В современном «обществе знания» этот взгляд нисколько не изменился. Видный современный экономист и историк экономики И. Кристол прямо утверждает: «Экономическая теория занята изучением поведения людей на рынке. Не существует некапиталистической экономической теории». Впрочем, и в приложении к западному обществу механистическая модель хозяйства как машины, которая подчиняется объективным законам типа природных и потому автономной от этики, оказывается слишком абстрактной. Многие антропологи и социологи отмечали, что модель субъекта экономики как рационального индивида (homo economicus) приложима лишь к предпринимателю, но и то в недостаточной степени.
Следовательно, приближая политэкономическую модель к реальности, даже в атомизированном западном обществе приходилось учитывать предупреждение Вл. Соловьева о необходимости включать этическую компоненту в структуру модели. Он писал: «Так как не только нет экономического закона, которым бы определялась степень корыстолюбия и сластолюбия для всех людей, но нет и такого закона, в силу которого эти страсти были бы вообще неизбежно присущи человеку, как роковые мотивы его поступков, то, значит, поскольку экономические отношения определяются этими душевными расположениями, они имеют свое основание не в экономической области и никаким „экономическим законам“ не подчиняются с необходимостью» [226].

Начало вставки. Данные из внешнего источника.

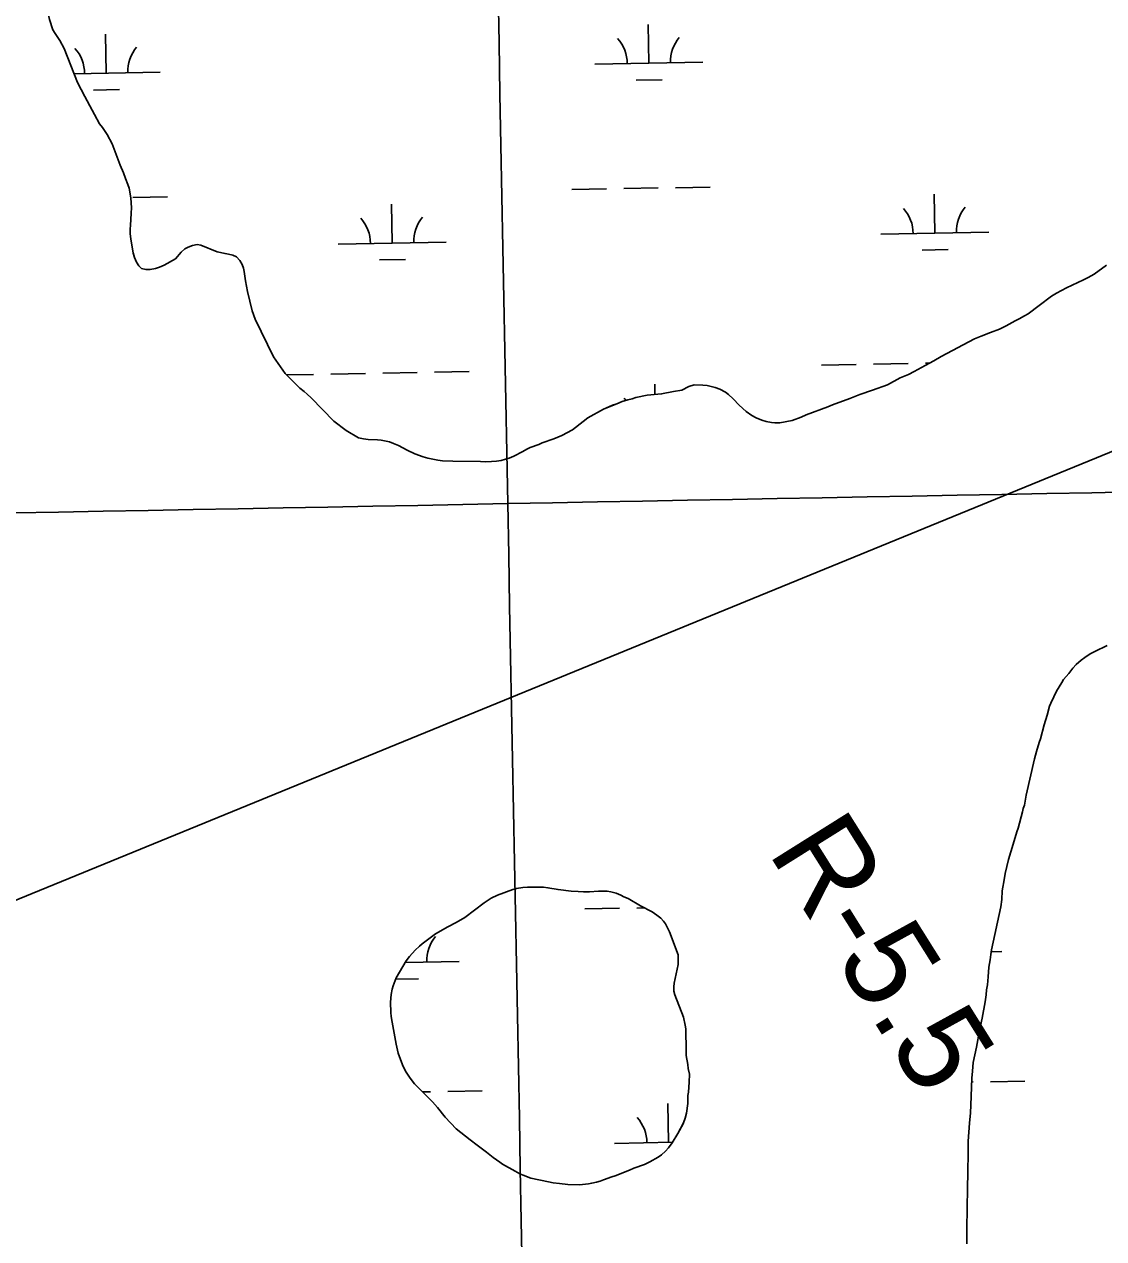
# Model space of a CAD drawing. Extents: x 3957609 to 3995875, y 234277 to 260273.
# Drawn here: x 3971894 to 3972892, y 248308 to 249431 of the extents above; entities that cross this region are included whole.
import ezdxf

# ---------------------------------------------------------------- set-up
doc = ezdxf.new("R2010")
doc.units = 0
for name, color, linetype in [('V-GRID-MAJR', 7, 'Continuous'), ('V-RIVR-RANG-IDEN', 7, 'Continuous'), ('V-TOPO-SHOR', 7, 'Continuous'), ('V-UTIL-LINE', 7, 'Continuous'), ('V-WETL-SWMP', 7, 'Continuous')]:
    doc.layers.add(name, color=color, linetype=linetype)

msp = doc.modelspace()

# ---------------------------------------------------------------- linework, layer by layer
at = {"layer": 'V-GRID-MAJR'}
for points in [[(3972513.068, 239900.828), (3972455.83, 242927.648), (3972341.236, 248987.469), (3972226.642, 255047.279), (3972169.287, 258080.274)], [(3961703.892, 248787.859), (3967022.571, 248887.277), (3972341.236, 248987.469), (3977659.886, 249088.434), (3982978.522, 249190.173), (3988297.143, 249292.685), (3993615.748, 249395.971), (3993615.749, 249395.971)]]:
    msp.add_spline(points, degree=3, dxfattribs=at)
at = {"layer": 'V-TOPO-SHOR'}
for points in [[(3971943.26, 249377.053), (3971930.929, 249408.423), (3971927.134, 249415.652), (3971922.706, 249422.265), (3971920.73, 249425.724), (3971917.592, 249435.129), (3971913.912, 249450.153), (3971911.655, 249455.957), (3971909.298, 249465.347), (3971908.255, 249468.794), (3971906.965, 249476.611), (3971906.091, 249480.834), (3971905.673, 249484.27), (3971905.583, 249488.794), (3971904.374, 249502.223), (3971904.288, 249507.058), (3971904.583, 249527.327), (3971905.333, 249535.894), (3971906.328, 249540.091), (3971910.924, 249555.774), (3971912.597, 249563.704), (3971912.251, 249564.875)], [(3972072.607, 249220.316), (3972057.569, 249226.46), (3972054.145, 249226.978), (3972049.768, 249226.261), (3972045.688, 249224.604), (3972042.705, 249223.089), (3972039.229, 249220.021), (3972033.994, 249214.014), (3972023.459, 249208.085), (3972019.378, 249206.117), (3972015.46, 249204.925), (3972010.614, 249204.061), (3972006.713, 249203.961), (3972002.672, 249204.956), (3972000.213, 249207.332), (3971998.081, 249210.793), (3971996.117, 249215.188), (3971994.927, 249219.259), (3971992.619, 249232.082), (3971992.072, 249237.392), (3971992.133, 249241.601), (3971992.49, 249244.716), (3971993.122, 249256.09), (3971993.192, 249260.924), (3971992.86, 249270.285), (3971991.122, 249279.356), (3971990.077, 249282.647), (3971987.82, 249288.293), (3971986.022, 249293.311), (3971983.007, 249300.528), (3971975.342, 249320.289), (3971970.787, 249328.932), (3971966.668, 249335.229), (3971963.756, 249338.705), (3971959.046, 249347.194), (3971957.078, 249351.277), (3971950.086, 249363.854), (3971943.26, 249377.053)], [(3972787.81, 249145.832), (3972779.18, 249142.213), (3972772.753, 249139.969), (3972741.945, 249123.417), (3972735.183, 249119.46), (3972727.171, 249115.366), (3972717.105, 249109.587), (3972711.919, 249106.855), (3972704.231, 249103.69), (3972692.445, 249097.469), (3972678.647, 249092.365), (3972666.736, 249088.328), (3972657.483, 249084.72), (3972641.646, 249078.869), (3972637.409, 249077.058), (3972617.339, 249069.552), (3972612.472, 249067.439), (3972604.162, 249064.285), (3972592.904, 249062.266), (3972588.382, 249062.175), (3972585.111, 249062.534), (3972580.135, 249063.541), (3972576.252, 249064.535), (3972570.982, 249066.949), (3972567.115, 249069.034), (3972561.711, 249072.698), (3972555.401, 249078.562), (3972549.716, 249084.415), (3972545.407, 249088.376), (3972542.632, 249090.6), (3972537.368, 249093.326), (3972533.182, 249094.948), (3972525.564, 249096.617), (3972521.672, 249097.141), (3972513.566, 249097.26), (3972508.868, 249095.924), (3972502.268, 249092.433), (3972494.45, 249091.142), (3972483.502, 249088.961), (3972470.231, 249087.907), (3972459.751, 249085.719), (3972456.3, 249084.368), (3972452.389, 249083.489), (3972447.217, 249081.849), (3972442.042, 249079.739), (3972438.122, 249078.394), (3972429.807, 249074.926), (3972415.34, 249066.716), (3972411.08, 249063.347), (3972400.992, 249055.851), (3972391.245, 249050.535), (3972383.871, 249047.522), (3972373.211, 249043.623), (3972370.071, 249042.265), (3972361.918, 249039.264), (3972358.934, 249037.905), (3972355.16, 249035.619), (3972346.99, 249031.527), (3972342.595, 249029.563), (3972339.304, 249028.521), (3972335.235, 249027.488), (3972330.856, 249026.614), (3972326.174, 249026.372), (3972320.559, 249026.297), (3972316.039, 249026.52), (3972290.625, 249026.888), (3972280.961, 249027.183), (3972276.6, 249027.716), (3972267.272, 249029.565), (3972262.922, 249030.72), (3972255.477, 249033.637), (3972248.197, 249037.018), (3972240.148, 249041.19), (3972235.655, 249043.125), (3972231.776, 249044.585), (3972224.313, 249046.097), (3972220.889, 249046.615), (3972212.16, 249046.897), (3972207.802, 249047.43), (3972203.137, 249048.431), (3972191.692, 249054.991), (3972180.59, 249063.732), (3972159.383, 249085.404), (3972155.689, 249088.734), (3972152.92, 249091.267), (3972149.063, 249094.286), (3972135.538, 249107.895), (3972124.534, 249123.339), (3972107.571, 249158.051), (3972105.031, 249165.728), (3972100.456, 249183.575), (3972098.728, 249193.424), (3972097.605, 249202.017), (3972096.872, 249205.302), (3972095.52, 249208.755), (3972093.386, 249212.216), (3972090.319, 249215.691), (3972087.064, 249217.141), (3972083.179, 249218.135), (3972079.913, 249218.649), (3972072.607, 249220.316)], [(3972894.914, 249207.905), (3972883.411, 249199.65), (3972878.063, 249196.608), (3972873.664, 249194.333), (3972857.962, 249187.077), (3972848.689, 249182.063), (3972844.128, 249179.323), (3972832.772, 249170.599), (3972822.37, 249163.107), (3972819.222, 249161.127), (3972814.035, 249158.239), (3972810.58, 249156.574), (3972802.246, 249152.015), (3972799.107, 249150.502), (3972795.961, 249148.677), (3972787.81, 249145.832)], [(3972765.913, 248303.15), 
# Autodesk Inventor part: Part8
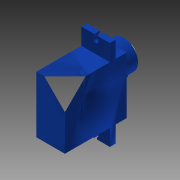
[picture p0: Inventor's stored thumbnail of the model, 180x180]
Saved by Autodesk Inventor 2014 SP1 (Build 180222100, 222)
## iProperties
Created: 2017-05
Part Number: Part8
Material: PPS Plastic
Document SubType Name: Modeling
Designer: L.Đ.P
Density: 1.637 g/cm^3
Appearance: Smooth - White
Author: L.Đ.P
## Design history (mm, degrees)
sketch "Sketch1"
  geometry: L1 (5.075, -10.1)-(-5.075, -10.1); L2 (-5.075, -10.1)-(-5.075, 10.1); L3 (-5.075, 10.1)-(5.075, 10.1); L4 (5.075, 10.1)-(5.075, -10.1); L5 (0, 0)-(0, -6.792); L6 (0, 0)-(-3.426, 0); 2 further points
  constraints: 12 end point, 3 parallel, 2 midpoint, 2 perpendicular, 2 point on line, 1 horizontal
  dimensions: "d0" = 10.15 distance of L2.end L3.end; "d1" = 20.2 distance of L1.end L2.end
extrude "Extrusion1" new body sketch "Sketch1" distance "d2" = 16; taper "d3" = 0 deg
sketch "Sketch2"
  geometry: L1 (5.075, 10.1)-(-5.075, 10.1) reference; L2 (-5.075, 10.1)-(-5.075, -10.1) reference; L3 (5.075, -10.1)-(5.075, 10.1) reference; L4 (5.075, -16)-(-5.075, -16); L5 (-5.075, -16)-(-5.075, 16); L6 (-5.075, 16)-(5.075, 16); L7 (5.075, 16)-(5.075, -16); 3 further points
  constraints: 8 end point, 4 midpoint, 2 parallel, 1 horizontal, 1 perpendicular
  dimensions: "d4" = 32 distance between parallel lines of L4 L6
extrude "Extrusion2" join sketch "Sketch2" distance "d5" = 2; taper "d6" = 0 deg
sketch "Sketch3"
  geometry: L1 (5.075, -16)-(-5.075, -16) reference; L2 (-5.075, -16)-(-5.075, 16) reference; L3 (-5.075, 16)-(5.075, 16) reference; L4 (5.075, 16)-(5.075, -16) reference; L5 (5.075, -16)-(-5.075, -16) reference; L6 (-5.075, -16)-(-5.075, 16) reference; L7 (-5.075, 16)-(5.075, 16) reference; L8 (5.075, 16)-(5.075, -16) reference; L9 (-5.075, 10.1)-(5.075, 10.1) reference; L10 (5.075, 10.1)-(5.075, -10.1) reference; L11 (5.075, -10.1)-(-5.075, -10.1) reference; L12 (-5.075, -10.1)-(-5.075, 10.1) reference; 1 further point
extrude "Extrusion3" join sketch "Sketch3" distance "d7" = 4; taper "d8" = 0 deg
sketch "Sketch4"
  geometry: L1 (-5.075, 10.1)-(-5.075, -10.1) reference; L2 (-5.075, -10.1)-(5.075, -10.1) reference; L3 (5.075, -10.1)-(5.075, 10.1) reference; C1 r 5.075 at (0, -5.025); C2 r 1.5 at (0, 0.675); 1 further point
  constraints: 3 tangent, 2 centre point
  dimensions: "d10" = 3 diameter of C2; "d11" = 5.7 distance of C1.centre C2.centre; "d12" = 5.075 distance from line of L3 C2.centre
extrude "Extrusion4" join sketch "Sketch4" distance "d13" = 4; taper "d14" = 0 deg
sketch "Sketch5"
  geometry: L1 (-5.075, -16)-(5.075, -16) reference; L2 (5.075, -16)-(5.075, -10.1) reference; L3 (0.5, -16)-(-0.5, -16); L4 (-0.5, -16)-(-0.5, -15); L5 (-0.5, -15)-(0.5, -15); L6 (0.5, -15)-(0.5, -16); C1 r 1 at (0, -14.5); 2 further points
  constraints: 8 end point, 2 midpoint, 2 parallel, 1 centre point, 1 horizontal, 1 perpendicular, 1 point on line
  dimensions: "d15" = 2 diameter of C1; "d16" = 1.5 distance from line of L1 C1.centre; "d17" = 1 distance of L4.end L5.end; "d18" = 1 distance of L3.end L4.end; "d19" = 5.075 distance from line of L2 C1.centre
extrude "Extrusion5" cut sketch "Sketch5" distance "d20" = 4; taper "d21" = 0 deg
mirror "Mirror3"
sketch "Sketch11"
  geometry: C1 r 2.5 at (0, -5.025); A1 r 5.075 centre (0, -5.025) between (-1.276, -0.113) and (1.276, -0.113) reference; 1 further point
  constraints: 1 centre point, 1 coincident
  dimensions: "d49" = 5 diameter of C1
extrude "Extrusion11" join sketch "Sketch11" distance "d50" = 2; taper "d51" = 0 deg
body "Solid1"
node "Projected Loop1"
node "Project Cut Edges1"
node "Project Cut Edges2"

Действительно, в западной общественной мысли были диссиденты, которые отвергали механицизм ньютоновской модели в приложении ее к обществу. Экономисты делились на два течения – инструменталисты и реалисты. Первые излагали «объективные законы экономики», обладающие статусом научной теории. Они использовали методологические подходы науки, прежде всего, редукционизм – сведение сложной системы к простой модели. Из нее вычищались все казавшиеся несущественными условия и факторы. Реалисты отвергали редукционизм и старались описать реальность максимально полно. Они исходили из того, что в экономике нет законов, а есть тенденции. Это поясняли метафорой: в механике существует закон гравитации, согласно которому тело падает вертикально вниз (так, падение яблока подчиняется этому закону). А сухой лист ведет себя иначе: падает, но по сложной траектории, а то, может, его и унесет ветром вверх. В экономике действуют такие тенденции, как падение листа, но не такие законы, как падение яблока. Уже в этой аналогии реалисты предвосхищали немеханистические концепции второй половины XX века: представление о неравновесных процессах, случайных флуктуации и нестабильности. Хотя триумф техноморфного мышления, сводящего любой объект к машине, в эпоху успехов индустриализма оттеснил реалистов в тень, их присутствие всегда напоминало о существовании альтернативного видения политэкономии.